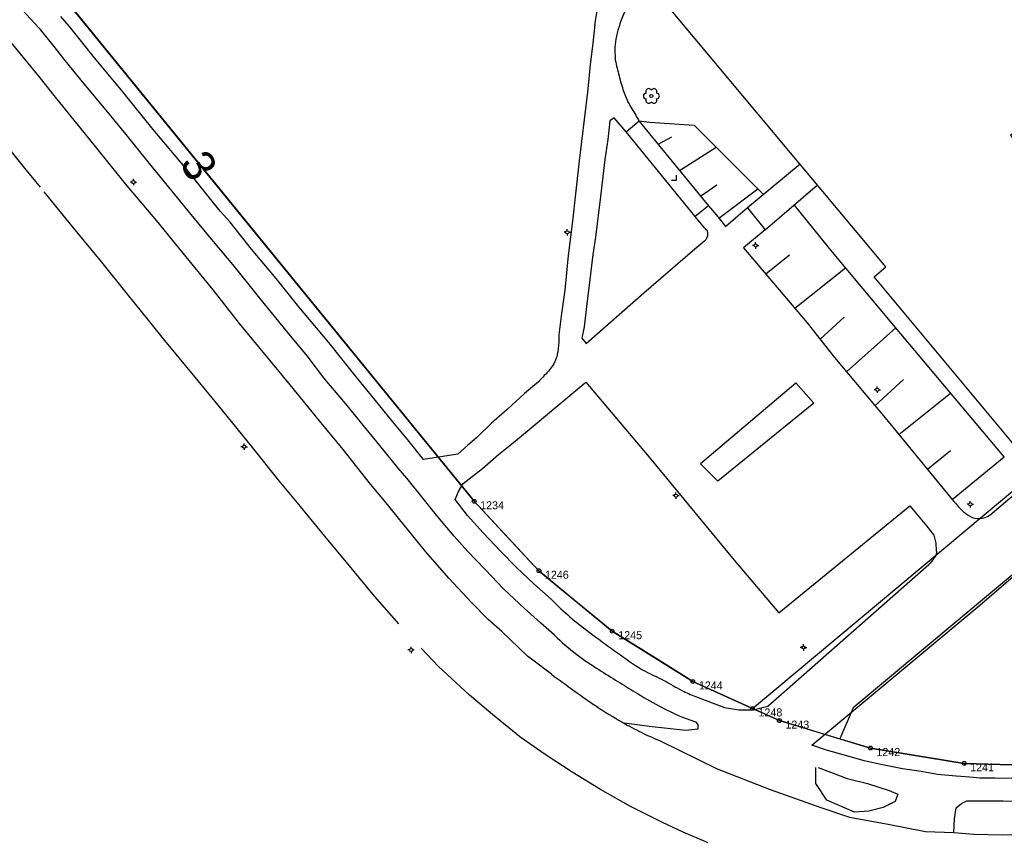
# Model space of a CAD drawing. Extents: x 1517478 to 1518189, y 6494860 to 6495389.
# Drawn here: x 1517715.6 to 1517838.6, y 6494947.3 to 6495049.6 of the extents above; entities that cross this region are included whole.
import ezdxf

# ---------------------------------------------------------------- set-up
doc = ezdxf.new("R2010")
doc.units = 0
for name, color, linetype in [('adress', 7, 'Continuous'), ('allmanbyggnad', 7, 'Continuous'), ('bro', 7, 'Continuous'), ('gc_vag', 7, 'Continuous'), ('grans', 7, 'Continuous'), ('granspunkt', 7, 'Continuous'), ('granspunkt_text', 7, 'Continuous'), ('kvartersgrans', 7, 'Continuous'), ('kvartersytor', 7, 'Continuous'), ('lovtrad', 7, 'Continuous'), ('parkeringskant', 7, 'Continuous'), ('rattighet_grans_ANV_EJ', 7, 'Continuous'), ('slant_skraffering', 7, 'Continuous'), ('slantfot', 7, 'Continuous'), ('stodmur', 7, 'Continuous'), ('stolpe_belysning', 7, 'Continuous'), ('trappa', 7, 'Continuous'), ('trappsymbol', 7, 'Continuous'), ('vagkant', 7, 'Continuous'), ('vagkant_mindre', 7, 'Continuous')]:
    doc.layers.add(name, color=color, linetype=linetype)

msp = doc.modelspace()

# ---------------------------------------------------------------- linework, layer by layer
at = {"layer": 'allmanbyggnad'}
msp.add_lwpolyline([(1517795.98, 6495052.03), (1517837.72, 6495086.69), (1517844.24, 6495078.9), (1517844.89, 6495079.4), (1517856.96, 6495064.93), (1517856.28, 6495064.33), (1517862.19, 6495057.11), (1517842.98, 6495041.23), (1517844.57, 6495039.29), (1517839.38, 6495035.07), (1517847.33, 6495025.71), (1517853.22, 6495030.6), (1517862.35, 6495019.75), (1517850.98, 6495010.13), (1517853.38, 6495007.24), (1517840.06, 6494996.19), (1517822.37, 6495017.44), (1517823.84, 6495018.69), (1517795.97, 6495052.03)], dxfattribs=at)
at = {"layer": 'bro'}
msp.add_lwpolyline([(1517813.13, 6495031.51), (1517806.55, 6495026.04), (1517808.74, 6495023.31), (1517815.3, 6495028.91)], dxfattribs=at)
at = {"layer": 'gc_vag'}
for p, q in [((1517782.84, 6495001.34), (1517786.35, 6495004.25)), ((1517783.24, 6494975.95), (1517782, 6494977.16))]:
    msp.add_line(p, q, dxfattribs=at)
for points in [[(1517718.21, 6495048.34), (1517718.04, 6495048.55), (1517715.97, 6495050.73), (1517714.5, 6495052.16), (1517712.54, 6495053.95), (1517710.97, 6495055.35), (1517708.65, 6495057.17), (1517706.66, 6495058.85), (1517705.01, 6495060.19), (1517703.14, 6495061.88)], [(1517724.81, 6495044.99), (1517723.5, 6495046.63), (1517721.86, 6495048.69), (1517720.78, 6495049.96)], [(1517721.14, 6495044.68), (1517719.93, 6495046.21), (1517718.21, 6495048.34)], [(1517787.46, 6495048.97), (1517787.21, 6495046.63), (1517786.9, 6495043.91)], [(1517737.05, 6495025.22), (1517731.83, 6495031.58), (1517728.92, 6495035.22), (1517726.43, 6495038.23), (1517723.49, 6495041.77), (1517721.14, 6495044.68)], [(1517740.66, 6495025.65), (1517736.52, 6495030.84), (1517732.32, 6495035.85), (1517728.5, 6495040.55), (1517724.81, 6495044.99)], [(1517786.9, 6495043.91), (1517786.54, 6495040.51), (1517786.18, 6495037.43), (1517785.79, 6495034.34), (1517785.53, 6495031.93)], [(1517791.38, 6495035.56), (1517789.88, 6495037.27), (1517789.36, 6495036.91), (1517789.08, 6495034.58), (1517788.74, 6495032.09)], [(1517785.53, 6495031.93), (1517785.06, 6495027.78), (1517784.67, 6495024.39), (1517784.16, 6495020.11)], [(1517788.74, 6495032.09), (1517788.2, 6495027.45), (1517787.55, 6495022.39), (1517787.24, 6495020.21)], [(1517801.66, 6495026.31), (1517802.68, 6495025.15), (1517803.84, 6495023.66)], [(1517753.76, 6495004.65), (1517751.53, 6495007.54), (1517749.08, 6495010.52), (1517745.64, 6495014.76), (1517742.46, 6495018.72), (1517739.62, 6495022.1), (1517737.05, 6495025.22)], [(1517757.49, 6495005.15), (1517754.23, 6495009.22), (1517750.51, 6495013.67), (1517747.68, 6495017.21), (1517744.59, 6495020.89), (1517741.9, 6495024.25), (1517740.66, 6495025.65)], [(1517801.2, 6495023.49), (1517800.55, 6495024.28), (1517800, 6495024.96)], [(1517784.16, 6495020.11), (1517783.72, 6495015.78), (1517783.33, 6495012.85), (1517782.99, 6495010.18), (1517782.96, 6495009.28)], [(1517787.24, 6495020.21), (1517786.85, 6495017.1), (1517786.46, 6495014.07), (1517786.15, 6495011.19), (1517785.87, 6495009.77), (1517786.38, 6495009.1)], [(1517780.43, 6495004.32), (1517778.67, 6495002.85), (1517776.54, 6495000.85), (1517774.58, 6494999.13), (1517772.72, 6494997.34), (1517771.6, 6494996.4), (1517770.34, 6494995.28), (1517766.07, 6494994.61), (1517764.1, 6494997.06), (1517762.25, 6494999.31), (1517758.99, 6495003.29), (1517757.49, 6495005.15)], [(1517760.6, 6494996.36), (1517758.17, 6494999.37), (1517756.35, 6495001.55), (1517753.76, 6495004.65)], [(1517777.33, 6494996.75), (1517780.01, 6494998.96), (1517782.84, 6495001.34)], [(1517778.68, 6494976.01), (1517776.07, 6494978.46), (1517773.82, 6494980.84), (1517771.58, 6494983.15), (1517769.9, 6494985.01), (1517767.87, 6494987.43), (1517766.05, 6494989.74), (1517763.98, 6494992.26), (1517762.92, 6494993.54), (1517760.6, 6494996.36)], [(1517782, 6494977.16), (1517779.85, 6494979.09), (1517777.68, 6494981.12), (1517775.68, 6494983.15), (1517773.54, 6494985.43), (1517771.58, 6494987.6), (1517770.04, 6494989.6), (1517770.43, 6494990.62), (1517771.02, 6494991.6), (1517773.44, 6494993.49), (1517775.43, 6494995.24), (1517777.33, 6494996.75)], [(1517782.42, 6494972.66), (1517780.67, 6494974.22), (1517778.68, 6494976.01)], [(1517800.05, 6494964.98), (1517803.66, 6494963.63), (1517805.46, 6494963.33), (1517807.27, 6494963.33), (1517809.07, 6494963.78)], [(1517798.28, 6494962.48), (1517800.05, 6494961.83), (1517800.35, 6494961.52), (1517800.35, 6494960.92), (1517798.85, 6494960.77), (1517794.64, 6494961.22), (1517791.15, 6494961.65)], [(1517821.11, 6494956.98), (1517818.95, 6494957.58), (1517816.43, 6494958.31), (1517814.6, 6494958.94)], [(1517834.33, 6494954.91), (1517832.63, 6494955.05), (1517830.29, 6494955.26), (1517828.25, 6494955.61), (1517825.91, 6494955.97), (1517823.39, 6494956.46), (1517821.11, 6494956.98)], [(1517815.39, 6494956.11), (1517819, 6494954.76), (1517821.55, 6494954.15), (1517824.26, 6494953.25), (1517825.31, 6494952.8), (1517825.01, 6494951.9), (1517823.51, 6494951.15), (1517821.7, 6494950.69), (1517819.9, 6494950.54), (1517816.44, 6494952.05), (1517815.09, 6494954.15), (1517815.09, 6494956.11)], [(1517862.88, 6494955.09), (1517860.81, 6494955.05), (1517858.46, 6494954.98), (1517854.75, 6494954.91), (1517851, 6494954.84), (1517847.43, 6494954.88), (1517844.03, 6494954.84), (1517840.85, 6494954.74), (1517837.48, 6494954.81), (1517835.56, 6494954.81), (1517834.33, 6494954.91)], [(1517832.31, 6494947.99), (1517832.41, 6494949.71), (1517832.62, 6494951.11), (1517833.29, 6494951.63), (1517833.95, 6494951.95), (1517838.47, 6494951.95), (1517843.09, 6494951.84), (1517849.01, 6494951.84), (1517853.81, 6494951.88)]]:
    msp.add_lwpolyline(points, dxfattribs=at)
for points in [[(1517786.77, 6495054.17), (1517787.37, 6495053), (1517787.7, 6495051.97), (1517787.73, 6495050.93), (1517787.44, 6495048.88)], [(1517792.29, 6495052.15), (1517791.1, 6495050.31), (1517790.48, 6495048.62), (1517790.09, 6495047.12), (1517789.98, 6495045.77), (1517790.03, 6495044.42)], [(1517790.03, 6495044.5), (1517790.5, 6495042.53), (1517791.07, 6495040.61), (1517791.75, 6495039.03), (1517792.7, 6495037.43), (1517792.99, 6495036.91)], [(1517801.22, 6495021.95), (1517801.47, 6495022.27), (1517801.59, 6495022.68), (1517801.55, 6495023.09), (1517801.19, 6495023.5)], [(1517782.96, 6495009.28), (1517782.77, 6495007.72), (1517782.46, 6495006.81), (1517782.2, 6495006.32), (1517781.68, 6495005.65), (1517780.98, 6495004.9), (1517780.43, 6495004.32)], [(1517783.24, 6494975.95), (1517785.52, 6494973.99), (1517787.71, 6494972.33), (1517790.68, 6494970.19), (1517793.75, 6494968.16), (1517796.09, 6494967.01), (1517798.33, 6494965.76), (1517800.05, 6494964.98)], [(1517782.42, 6494972.66), (1517785.21, 6494970.24), (1517787.97, 6494968.37), (1517790.36, 6494966.86), (1517792.5, 6494965.55), (1517795.47, 6494963.83), (1517798.28, 6494962.48)]]:
    msp.add_spline(points, degree=3, dxfattribs=at)
at = {"layer": 'grans'}
for p, q in [((1517807.17, 6494963.51), (1517919.72, 6495057.58)), ((1517718.21, 6495055.89), (1517772.4, 6494989.39)), ((1517772.4, 6494989.39), (1517780.49, 6494980.71)), ((1517780.49, 6494980.71), (1517789.65, 6494973.16)), ((1517789.65, 6494973.16), (1517799.72, 6494966.88)), ((1517799.72, 6494966.88), (1517807.17, 6494963.51)), ((1517807.17, 6494963.51), (1517810.53, 6494961.99)), ((1517810.53, 6494961.99), (1517821.9, 6494958.56)), ((1517821.9, 6494958.56), (1517833.61, 6494956.65)), ((1517833.61, 6494956.65), (1517845.48, 6494956.3))]:
    msp.add_line(p, q, dxfattribs=at)
at = {"layer": 'granspunkt'}
for centre in [(1517772.4, 6494989.39), (1517780.49, 6494980.71), (1517789.65, 6494973.16), (1517799.72, 6494966.88), (1517807.17, 6494963.51), (1517810.53, 6494961.99), (1517821.9, 6494958.56), (1517833.61, 6494956.65)]:
    msp.add_circle(centre, 0.237, dxfattribs=at)
at = {"layer": 'kvartersgrans'}
for points in [[(1517718.21, 6495055.89), (1517772.4, 6494989.39), (1517780.49, 6494980.71), (1517789.65, 6494973.16), (1517799.72, 6494966.88)], [(1517799.72, 6494966.88), (1517807.17, 6494963.51), (1517810.53, 6494961.99)], [(1517810.53, 6494961.99), (1517821.9, 6494958.56), (1517833.61, 6494956.65), (1517845.48, 6494956.3), (1517968.3, 6494960.82), (1517976.46, 6494961.8), (1517984.36, 6494964.1), (1517991.77, 6494967.66)]]:
    msp.add_lwpolyline(points, dxfattribs=at)
at = {"layer": 'kvartersytor'}
msp.add_lwpolyline([(1517845.48, 6494956.3), (1517833.61, 6494956.65), (1517821.9, 6494958.56), (1517816.22, 6494960.27), (1517810.53, 6494961.99), (1517807.17, 6494963.51), (1517799.72, 6494966.88), (1517794.69, 6494970.02), (1517789.65, 6494973.16), (1517785.07, 6494976.93), (1517780.49, 6494980.71), (1517776.44, 6494985.05), (1517772.4, 6494989.39), (1517745.3, 6495022.64), (1517717, 6495057.37), (1517819.97, 6495111.05)], dxfattribs=at)
at = {"layer": 'lovtrad'}
msp.add_circle((1517794.53, 6495040.02), 0.2, dxfattribs=at)
for centre, start, end in [((1517794.21, 6495040.57), 29.1347, 212.3057), ((1517794.85, 6495040.57), 329.1331, 150.8613), ((1517793.9, 6495040.01), 89.5389, 268.9887), ((1517794.21, 6495039.47), 150.5831, 330.865), ((1517794.85, 6495039.47), 209.1844, 30.8583), ((1517795.17, 6495040.02), 269.1508, 90.8733)]:
    msp.add_arc(centre, 0.366, start, end, dxfattribs=at)
at = {"layer": 'parkeringskant'}
msp.add_line((1517806.06, 6495021.07), (1517813.99, 6495011.69), dxfattribs=at)
for points in [[(1517786.38, 6495009.1), (1517793.6, 6495015.42), (1517799.97, 6495020.92), (1517801.22, 6495021.95)], [(1517813.99, 6495011.69), (1517817.41, 6495007.33), (1517823.73, 6494999.82), (1517832.13, 6494989.6)], [(1517786.35, 6495004.25), (1517794.25, 6494994.89), (1517804.87, 6494982.04)], [(1517800.68, 6494994.11), (1517812.59, 6495004.17), (1517814.82, 6495001.63), (1517802.85, 6494991.89), (1517800.68, 6494994.06)], [(1517804.87, 6494982.04), (1517810.44, 6494975.45), (1517826.82, 6494988.83)]]:
    msp.add_lwpolyline(points, dxfattribs=at)
at = {"layer": 'rattighet_grans_ANV_EJ'}
for p, q in [((1517924.99, 6495051.56), (1517819.73, 6494963.58)), ((1517819.73, 6494963.58), (1517818.07, 6494959.71))]:
    msp.add_line(p, q, dxfattribs=at)
at = {"layer": 'slant_skraffering'}
for p, q in [((1517795.39, 6495033.98), (1517797.09, 6495034.91)), ((1517798.06, 6495030.71), (1517802.63, 6495033.63)), ((1517800.68, 6495027.51), (1517802.71, 6495028.92)), ((1517802.97, 6495024.77), (1517807.84, 6495028.42)), ((1517808.82, 6495017.81), (1517811.81, 6495020.18)), ((1517812.44, 6495013.52), (1517818.8, 6495018.56)), ((1517815.62, 6495009.62), (1517818.63, 6495012.39)), ((1517818.92, 6495005.54), (1517825.06, 6495011.05)), ((1517822.47, 6495001.32), (1517826.05, 6495004.61)), ((1517825.45, 6494997.73), (1517831.92, 6495002.89)), ((1517829.03, 6494993.38), (1517831.92, 6494995.75))]:
    msp.add_line(p, q, dxfattribs=at)
at = {"layer": 'slantfot'}
for points in [[(1517792.98, 6495036.92), (1517794.29, 6495036.76), (1517799.9, 6495036.37), (1517808.6, 6495027.66)], [(1517824.82, 6495011.33), (1517817.18, 6495020.5), (1517812.41, 6495026.36)], [(1517832.13, 6494989.6), (1517838.61, 6494994.94), (1517824.82, 6495011.33)]]:
    msp.add_lwpolyline(points, dxfattribs=at)
at = {"layer": 'stodmur'}
for p, q in [((1517806.55, 6495026.04), (1517803.85, 6495023.73)), ((1517808.74, 6495023.31), (1517806.04, 6495021.07))]:
    msp.add_line(p, q, dxfattribs=at)
at = {"layer": 'stolpe_belysning'}
for p, q in [((1517729.84, 6495029.46), (1517729.84, 6495029.66)), ((1517729.64, 6495029.26), (1517729.44, 6495029.26)), ((1517729.84, 6495029.06), (1517729.84, 6495028.86)), ((1517730.04, 6495029.26), (1517730.24, 6495029.26)), ((1517784.03, 6495023.19), (1517784.03, 6495023.39)), ((1517783.83, 6495022.99), (1517783.63, 6495022.99)), ((1517784.03, 6495022.79), (1517784.03, 6495022.59)), ((1517784.23, 6495022.99), (1517784.43, 6495022.99)), ((1517807.36, 6495021.34), (1517807.16, 6495021.34)), ((1517807.56, 6495021.54), (1517807.56, 6495021.74)), ((1517807.56, 6495021.14), (1517807.56, 6495020.94)), ((1517807.76, 6495021.34), (1517807.96, 6495021.34)), ((1517822.76, 6495003.52), (1517822.76, 6495003.72)), ((1517822.56, 6495003.32), (1517822.36, 6495003.32)), ((1517822.76, 6495003.12), (1517822.76, 6495002.92)), ((1517822.96, 6495003.32), (1517823.16, 6495003.32)), ((1517743.67, 6494996.4), (1517743.67, 6494996.6)), ((1517743.47, 6494996.2), (1517743.27, 6494996.2)), ((1517743.67, 6494996), (1517743.67, 6494995.8)), ((1517743.87, 6494996.2), (1517744.07, 6494996.2)), ((1517797.4, 6494990.09), (1517797.2, 6494990.09)), ((1517797.6, 6494990.29), (1517797.6, 6494990.49)), ((1517797.8, 6494990.09), (1517798, 6494990.09)), ((1517797.6, 6494989.89), (1517797.6, 6494989.69)), ((1517834.18, 6494989.02), (1517833.98, 6494989.02)), ((1517834.38, 6494989.22), (1517834.38, 6494989.42)), ((1517834.58, 6494989.02), (1517834.78, 6494989.02)), ((1517834.38, 6494988.82), (1517834.38, 6494988.62)), ((1517764.32, 6494970.81), (1517764.12, 6494970.81)), ((1517764.52, 6494971.01), (1517764.52, 6494971.21)), ((1517764.52, 6494970.61), (1517764.52, 6494970.41)), ((1517764.72, 6494970.81), (1517764.92, 6494970.81)), ((1517813.34, 6494971.12), (1517813.14, 6494971.12)), ((1517813.54, 6494971.32), (1517813.54, 6494971.52)), ((1517813.54, 6494970.92), (1517813.54, 6494970.72)), ((1517813.74, 6494971.12), (1517813.94, 6494971.12))]:
    msp.add_line(p, q, dxfattribs=at)
for centre in [(1517729.84, 6495029.26), (1517784.03, 6495022.99), (1517807.56, 6495021.34), (1517822.76, 6495003.32), (1517743.67, 6494996.2), (1517797.6, 6494990.09), (1517834.38, 6494989.02), (1517764.52, 6494970.81), (1517813.54, 6494971.12)]:
    msp.add_circle(centre, 0.2, dxfattribs=at)
at = {"layer": 'trappa'}
msp.add_lwpolyline([(1517791.38, 6495035.56), (1517793, 6495036.93), (1517792.99, 6495036.91), (1517801.66, 6495026.31), (1517800, 6495024.96), (1517791.38, 6495035.56)], dxfattribs=at)
at = {"layer": 'trappsymbol'}
msp.add_lwpolyline([(1517797.07, 6495029.52), (1517797.67, 6495029.52), (1517797.67, 6495030.12)], dxfattribs=at)
at = {"layer": 'vagkant'}
for points in [[(1517718.21, 6495042.23), (1517716.12, 6495044.82), (1517712.42, 6495049.25)], [(1517718.21, 6495028.61), (1517716.29, 6495031.02), (1517713.45, 6495034.56), (1517709.43, 6495039.57), (1517705.29, 6495044.58), (1517702.42, 6495048.15)], [(1517728.85, 6495029.05), (1517725.08, 6495033.71), (1517719.93, 6495040.09), (1517718.21, 6495042.23)], [(1517743.08, 6495011.6), (1517739.78, 6495015.81), (1517736.06, 6495020.4), (1517732.74, 6495024.43), (1517728.85, 6495029.05)], [(1517731.71, 6495012.01), (1517729.09, 6495015.25), (1517725.91, 6495019.28), (1517722.37, 6495023.55), (1517718.67, 6495028.03)], [(1517748.05, 6494991.95), (1517744.59, 6494996.29), (1517740.99, 6495000.67), (1517737.34, 6495005.16), (1517733.77, 6495009.47), (1517731.71, 6495012.01)], [(1517759.46, 6494991.53), (1517756.05, 6494995.84), (1517753.07, 6494999.45), (1517749.43, 6495003.93), (1517747.24, 6495006.57), (1517743.08, 6495011.6)], [(1517762.98, 6494974.08), (1517759.97, 6494977.55), (1517756.82, 6494981.33), (1517753.74, 6494985.04), (1517750.34, 6494989.21), (1517748.05, 6494991.95)], [(1517774.16, 6494974.6), (1517772.06, 6494976.74), (1517769.25, 6494979.79), (1517766.35, 6494983.08), (1517763.65, 6494986.41), (1517761.2, 6494989.46), (1517759.46, 6494991.53)], [(1517782.06, 6494967.77), (1517779.06, 6494970.05), (1517775.84, 6494973.13), (1517774.16, 6494974.6)], [(1517778.12, 6494959.96), (1517774.68, 6494962.76), (1517771.81, 6494965.18), (1517767.91, 6494968.78), (1517765.76, 6494971.04)], [(1517801.64, 6494946.72), (1517798.5, 6494948.05), (1517795.91, 6494949.27), (1517791.92, 6494951.27), (1517788.17, 6494953.37), (1517784.63, 6494955.54), (1517781.16, 6494957.82), (1517778.12, 6494959.96)], [(1517795.62, 6494959.46), (1517802.76, 6494955.96), (1517809.37, 6494953.4), (1517815.69, 6494951.15), (1517819.3, 6494949.94), (1517824.11, 6494949.04), (1517828.77, 6494948.14), (1517832.31, 6494947.99)], [(1517832.31, 6494947.99), (1517834.83, 6494947.82), (1517838.37, 6494947.71), (1517842.24, 6494947.74), (1517847.89, 6494947.75), (1517851.78, 6494947.96), (1517854.13, 6494948.06)]]:
    msp.add_lwpolyline(points, dxfattribs=at)
msp.add_spline([(1517782.06, 6494967.77), (1517784.9, 6494965.71), (1517788.07, 6494963.52), (1517791.25, 6494961.59), (1517793.54, 6494960.39), (1517795.62, 6494959.46)], degree=3, dxfattribs=at)
at = {"layer": 'vagkant_mindre'}
msp.add_line((1517809.07, 6494963.78), (1517829.2, 6494981.47), dxfattribs=at)
for points in [[(1517814.6, 6494958.94), (1517835.57, 6494976.43), (1517848.02, 6494987.1), (1517878.6, 6495013.87), (1517874.09, 6495020.04)], [(1517836.85, 6494987.68), (1517842.85, 6494992.77), (1517840.06, 6494996.19)], [(1517826.82, 6494988.83), (1517828.89, 6494986.34), (1517829.82, 6494985.15), (1517830.08, 6494984.16), (1517830.13, 6494983.23)]]:
    msp.add_lwpolyline(points, dxfattribs=at)
for points in [[(1517832.13, 6494989.6), (1517833.76, 6494987.89), (1517834.9, 6494987.27), (1517836.25, 6494987.38), (1517836.97, 6494987.74)], [(1517830.13, 6494983.23), (1517830.13, 6494982.81), (1517829.84, 6494982.28), (1517829.2, 6494981.47)]]:
    msp.add_spline(points, degree=3, dxfattribs=at)

# ---------------------------------------------------------------- texts
at = {"layer": 'adress'}
msp.add_text('3', height=4, rotation=299.2317, dxfattribs=at).set_placement((1517735.56, 6495031.67))
at = {"layer": 'granspunkt_text'}
for s, p in [('1234', (1517773.15, 6494988.39)), ('1246', (1517781.24, 6494979.71)), ('1245', (1517790.4, 6494972.16)), ('1244', (1517800.47, 6494965.88)), ('1248', (1517807.92, 6494962.51)), ('1243', (1517811.28, 6494960.99)), ('1242', (1517822.65, 6494957.56)), ('1241', (1517834.36, 6494955.65))]:
    msp.add_text(s, height=1, dxfattribs=at).set_placement(p)

doc.saveas('drawing.dxf')
================================
The required output is the exact lines from the opening line of the entries through the line with "doc.units = 0", inclusive, without pictures.

# Model space of a CAD drawing. Extents: x 1517478 to 1518189, y 6494860 to 6495389.
# Drawn here: x 1517715.6 to 1517838.6, y 6494947.3 to 6495049.6 of the extents above; entities that cross this region are included whole.
import ezdxf

# ---------------------------------------------------------------- set-up
doc = ezdxf.new("R2010")
doc.units = 0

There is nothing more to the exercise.